Yet demographic change rarely offers a path to political dominance, at least nowadays. Demographic shifts are transforming the United States — but at a glacial pace. Over a four-year period, Democrats might gain a mere half percentage point because of the increased nonwhite share of the electorate — assuming everything else is held constant. A half-point is something, but it’s easily swamped by other factors, like a shift in the economy, a different slate of candidates, a midterm, or just a few too many years in power.

Sure. Further, my longstanding critique of the thesis is the assumption that Hispanics, or even Blacks, will always vote the same way. While Republicans have seemingly gone out of their way to alienate both groups (so much so that they turned once-rock solid Red California into a reliable Blue state) we’ve seen a slight shift of both groups, particularly men, to the GOP.

In the real world, things aren’t held constant. Demographic change can provoke backlash. And, even if it doesn’t, a party courting new voters might still find itself losing ground among its old supporters, who were brought to the party by a different set of messages, issues and candidates. And even if a party does everything right, and manages to squeeze a point or two out of demographic shifts in a given election — the way President Obama probably did in 2012 — it might just tempt a party to cash in its electoral chips on an agenda that costs support from a key group. It might even convince a party that demographics are destiny — and that the hard work of persuading voters and building a broad and sometimes fractious coalition just isn’t necessary.

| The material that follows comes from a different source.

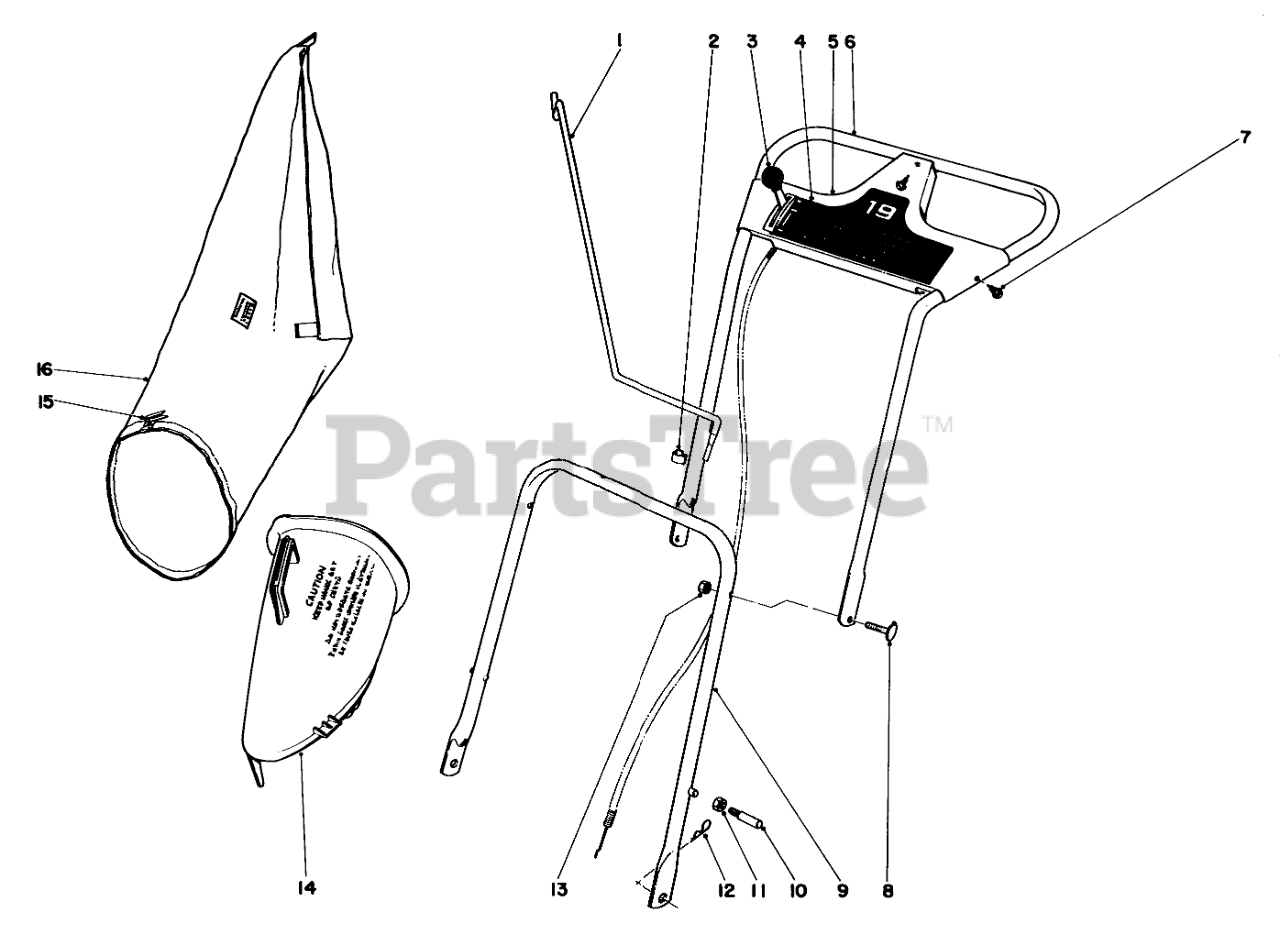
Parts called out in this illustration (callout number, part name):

Political parties evolve over time and their coalitions evolve, too. The Republicans like to brand themselves the Party of Lincoln, their first winning Presidential candidate, but they’re obviously not that party anymore—1860 was a long time ago, after all, and the issues have changed. Democrats still see themselves as successors to FDR and, in many ways, they still are. But they’ve slowly hemorrhaged their once near-automatic support from the South over civil rights and other cultural issues.

Further, I don’t see any “demographics is destiny” thinking at the level of national campaigns. If anything, we’ve shifted away from a politics of persuasion and moved to a politics of turnout.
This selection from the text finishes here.